Как я понимаю, из нас двоих только я внимательно слушал голос другого, стараясь понять, сохраняется ли наше сходство и на акустическом плане. Многие люди уверены, что голос значения не имеет; голос считается чем-то призрачным, чем-то вроде косметики или предмета одежды, этакий съемный реквизит для видимого материального тела. Когда голос намеренно искажен, как в беззубом военном красноречии Черчилля или в гортанном пении рок-звезды, его не только замечают, но и восхваляют — восхваляют именно потому, что искажение сделало голос заметным.
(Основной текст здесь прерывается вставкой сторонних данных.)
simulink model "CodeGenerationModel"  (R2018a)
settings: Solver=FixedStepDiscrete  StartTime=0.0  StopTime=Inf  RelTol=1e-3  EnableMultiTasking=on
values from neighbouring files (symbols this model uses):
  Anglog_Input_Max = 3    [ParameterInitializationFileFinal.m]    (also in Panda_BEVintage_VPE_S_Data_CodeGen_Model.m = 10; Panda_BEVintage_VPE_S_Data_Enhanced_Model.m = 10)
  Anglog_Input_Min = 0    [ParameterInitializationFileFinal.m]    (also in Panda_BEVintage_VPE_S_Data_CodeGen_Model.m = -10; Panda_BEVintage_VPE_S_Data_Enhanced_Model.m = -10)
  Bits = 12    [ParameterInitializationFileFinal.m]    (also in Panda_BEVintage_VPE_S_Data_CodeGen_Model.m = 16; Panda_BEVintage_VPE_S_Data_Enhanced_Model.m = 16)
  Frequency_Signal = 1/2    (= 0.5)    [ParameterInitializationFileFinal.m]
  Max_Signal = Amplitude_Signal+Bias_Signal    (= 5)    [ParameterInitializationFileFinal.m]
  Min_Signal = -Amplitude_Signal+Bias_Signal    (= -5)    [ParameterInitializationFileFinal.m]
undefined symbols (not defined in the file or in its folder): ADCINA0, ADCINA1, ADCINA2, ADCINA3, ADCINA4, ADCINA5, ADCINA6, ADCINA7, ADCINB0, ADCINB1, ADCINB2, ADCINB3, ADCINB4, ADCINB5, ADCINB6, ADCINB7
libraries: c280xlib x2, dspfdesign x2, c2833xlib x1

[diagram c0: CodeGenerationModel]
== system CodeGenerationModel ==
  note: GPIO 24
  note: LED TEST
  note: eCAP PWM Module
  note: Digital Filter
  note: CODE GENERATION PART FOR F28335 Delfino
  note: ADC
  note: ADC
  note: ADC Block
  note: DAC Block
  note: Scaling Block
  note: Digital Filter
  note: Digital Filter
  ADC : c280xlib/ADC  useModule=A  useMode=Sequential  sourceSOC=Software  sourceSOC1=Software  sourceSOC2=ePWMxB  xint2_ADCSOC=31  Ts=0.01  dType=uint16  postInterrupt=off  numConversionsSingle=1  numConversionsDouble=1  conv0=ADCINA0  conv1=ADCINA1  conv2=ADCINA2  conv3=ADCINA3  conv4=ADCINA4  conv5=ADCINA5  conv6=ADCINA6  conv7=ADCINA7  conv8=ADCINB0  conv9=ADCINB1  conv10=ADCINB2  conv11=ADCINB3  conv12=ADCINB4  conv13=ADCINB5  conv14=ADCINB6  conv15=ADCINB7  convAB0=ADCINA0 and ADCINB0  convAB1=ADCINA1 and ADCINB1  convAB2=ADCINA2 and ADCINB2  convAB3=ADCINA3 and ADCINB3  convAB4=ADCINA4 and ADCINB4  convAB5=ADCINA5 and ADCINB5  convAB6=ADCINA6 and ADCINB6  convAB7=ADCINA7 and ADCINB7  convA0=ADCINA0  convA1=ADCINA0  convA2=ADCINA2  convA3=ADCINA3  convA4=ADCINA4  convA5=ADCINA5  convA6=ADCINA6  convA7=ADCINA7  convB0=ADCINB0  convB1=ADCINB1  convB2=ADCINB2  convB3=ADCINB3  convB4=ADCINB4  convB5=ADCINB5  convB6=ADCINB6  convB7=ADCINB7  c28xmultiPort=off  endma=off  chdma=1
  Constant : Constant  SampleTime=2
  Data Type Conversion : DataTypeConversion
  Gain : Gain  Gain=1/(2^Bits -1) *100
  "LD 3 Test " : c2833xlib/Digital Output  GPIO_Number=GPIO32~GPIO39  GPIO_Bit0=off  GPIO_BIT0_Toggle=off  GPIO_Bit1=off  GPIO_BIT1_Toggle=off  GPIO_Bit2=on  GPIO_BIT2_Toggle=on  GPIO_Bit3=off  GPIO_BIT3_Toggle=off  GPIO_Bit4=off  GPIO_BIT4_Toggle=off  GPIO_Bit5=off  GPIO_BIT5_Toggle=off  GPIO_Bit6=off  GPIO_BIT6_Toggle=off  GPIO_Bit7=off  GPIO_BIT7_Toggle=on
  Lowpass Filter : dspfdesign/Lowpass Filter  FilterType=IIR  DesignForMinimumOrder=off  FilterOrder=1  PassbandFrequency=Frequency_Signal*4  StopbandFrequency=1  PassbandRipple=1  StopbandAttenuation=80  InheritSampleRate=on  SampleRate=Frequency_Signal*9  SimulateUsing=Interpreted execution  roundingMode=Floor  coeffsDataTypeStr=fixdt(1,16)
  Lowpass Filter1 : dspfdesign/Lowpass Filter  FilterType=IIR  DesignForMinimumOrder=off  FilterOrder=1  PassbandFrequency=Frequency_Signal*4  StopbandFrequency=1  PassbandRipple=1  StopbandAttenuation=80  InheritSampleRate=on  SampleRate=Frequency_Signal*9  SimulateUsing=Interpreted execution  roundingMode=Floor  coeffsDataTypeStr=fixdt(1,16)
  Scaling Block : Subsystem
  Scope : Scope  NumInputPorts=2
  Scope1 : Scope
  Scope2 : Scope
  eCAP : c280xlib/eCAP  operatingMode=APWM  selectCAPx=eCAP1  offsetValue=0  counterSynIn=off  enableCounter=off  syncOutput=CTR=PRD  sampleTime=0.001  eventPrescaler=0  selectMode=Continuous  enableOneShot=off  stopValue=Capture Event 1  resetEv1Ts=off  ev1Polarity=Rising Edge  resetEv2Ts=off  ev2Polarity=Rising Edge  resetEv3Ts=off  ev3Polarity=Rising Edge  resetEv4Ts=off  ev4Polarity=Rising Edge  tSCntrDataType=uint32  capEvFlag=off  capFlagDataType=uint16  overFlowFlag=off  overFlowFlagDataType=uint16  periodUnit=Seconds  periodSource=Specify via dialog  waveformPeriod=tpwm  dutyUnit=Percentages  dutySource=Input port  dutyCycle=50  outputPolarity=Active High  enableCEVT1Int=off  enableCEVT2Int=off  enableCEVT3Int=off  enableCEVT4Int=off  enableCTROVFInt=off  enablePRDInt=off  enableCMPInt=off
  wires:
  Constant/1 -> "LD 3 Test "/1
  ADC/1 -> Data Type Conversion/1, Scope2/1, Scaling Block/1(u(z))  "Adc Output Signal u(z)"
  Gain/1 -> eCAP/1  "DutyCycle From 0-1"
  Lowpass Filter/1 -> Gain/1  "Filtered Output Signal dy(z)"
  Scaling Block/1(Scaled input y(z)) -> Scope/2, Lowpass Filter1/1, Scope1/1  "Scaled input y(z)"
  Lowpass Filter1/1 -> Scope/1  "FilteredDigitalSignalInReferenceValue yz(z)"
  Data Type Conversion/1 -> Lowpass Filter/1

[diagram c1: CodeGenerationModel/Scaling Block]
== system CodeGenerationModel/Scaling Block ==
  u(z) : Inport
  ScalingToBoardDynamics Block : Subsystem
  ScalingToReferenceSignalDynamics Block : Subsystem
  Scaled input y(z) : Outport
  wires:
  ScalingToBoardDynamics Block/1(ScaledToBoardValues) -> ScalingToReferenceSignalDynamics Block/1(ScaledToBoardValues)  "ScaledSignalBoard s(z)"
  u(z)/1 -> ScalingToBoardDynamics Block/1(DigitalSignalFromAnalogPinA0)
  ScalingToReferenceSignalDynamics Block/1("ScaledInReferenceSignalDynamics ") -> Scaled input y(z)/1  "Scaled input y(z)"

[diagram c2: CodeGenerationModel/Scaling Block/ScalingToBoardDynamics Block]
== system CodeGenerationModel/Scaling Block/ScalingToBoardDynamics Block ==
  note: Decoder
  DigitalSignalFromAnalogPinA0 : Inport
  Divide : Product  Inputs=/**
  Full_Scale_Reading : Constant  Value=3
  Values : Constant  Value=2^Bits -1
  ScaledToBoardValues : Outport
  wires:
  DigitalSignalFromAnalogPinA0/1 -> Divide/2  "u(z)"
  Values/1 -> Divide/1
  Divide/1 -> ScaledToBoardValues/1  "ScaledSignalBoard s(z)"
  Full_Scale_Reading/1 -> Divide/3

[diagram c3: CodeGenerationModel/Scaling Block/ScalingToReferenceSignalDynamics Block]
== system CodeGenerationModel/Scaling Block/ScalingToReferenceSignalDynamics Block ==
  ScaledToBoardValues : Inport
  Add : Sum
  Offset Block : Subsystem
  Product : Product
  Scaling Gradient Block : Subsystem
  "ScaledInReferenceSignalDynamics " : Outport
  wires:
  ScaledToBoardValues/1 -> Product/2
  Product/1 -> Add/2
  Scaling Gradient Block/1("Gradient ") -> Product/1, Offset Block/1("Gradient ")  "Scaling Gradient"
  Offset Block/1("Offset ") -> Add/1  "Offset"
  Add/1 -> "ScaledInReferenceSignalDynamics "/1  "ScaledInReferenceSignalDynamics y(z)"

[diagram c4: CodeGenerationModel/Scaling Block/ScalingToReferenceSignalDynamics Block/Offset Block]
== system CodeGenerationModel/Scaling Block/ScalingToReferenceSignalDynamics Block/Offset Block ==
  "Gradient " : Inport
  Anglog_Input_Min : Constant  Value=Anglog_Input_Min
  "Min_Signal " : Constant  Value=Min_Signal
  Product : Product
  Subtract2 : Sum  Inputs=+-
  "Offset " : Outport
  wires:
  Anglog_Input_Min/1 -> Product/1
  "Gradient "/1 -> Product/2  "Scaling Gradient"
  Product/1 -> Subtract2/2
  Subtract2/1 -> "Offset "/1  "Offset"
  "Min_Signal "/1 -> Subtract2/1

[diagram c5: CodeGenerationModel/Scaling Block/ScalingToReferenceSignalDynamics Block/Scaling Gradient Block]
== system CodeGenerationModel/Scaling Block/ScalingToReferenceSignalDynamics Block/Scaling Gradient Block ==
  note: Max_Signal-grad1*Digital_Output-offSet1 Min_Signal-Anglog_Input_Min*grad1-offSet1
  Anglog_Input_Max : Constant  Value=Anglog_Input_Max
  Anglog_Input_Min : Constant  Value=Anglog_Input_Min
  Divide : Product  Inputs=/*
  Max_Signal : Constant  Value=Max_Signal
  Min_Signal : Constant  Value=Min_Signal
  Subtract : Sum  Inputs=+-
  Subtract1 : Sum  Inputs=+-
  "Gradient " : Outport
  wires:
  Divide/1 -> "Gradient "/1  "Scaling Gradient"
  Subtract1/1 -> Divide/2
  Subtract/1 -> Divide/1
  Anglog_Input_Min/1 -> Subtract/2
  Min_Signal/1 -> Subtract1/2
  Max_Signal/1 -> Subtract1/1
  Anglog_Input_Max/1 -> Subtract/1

Однако при реконструкции личности, скажем, Иисуса Христа никому даже в голову не приходит использовать голосовую агиографию. Видеть мы его видим, но не слышим его арамейского, который, насколько нам известно, мог быть шепелявым. Это не важно. Голос для большинства просто декор. Для этого парня, для Лльва, мой голос был не более чем простым инструментом общения, старой раздолбанной тачкой, которая в принципе едет туда, куда надо, а уж какой она там модели — это дело десятое. А для меня его голос, который в первые пару минут я пожирал с тошнотворной жадностью, был ненавистным благословенным ключом к возвращению к беспредельному многообразию жизни, против которого мы с ним святотатствовали на пару… нет, святотатствовал только он, он один. Тембр его голоса был почти как у меня, но фонемы — вещи, по сути, заученные, просто декоративная косметика, и не более того, — звучали на американо-валлийский лад. Пенсильвания? Он сказал, что его зовут Ллев. Сокращенно от «Ллевелин».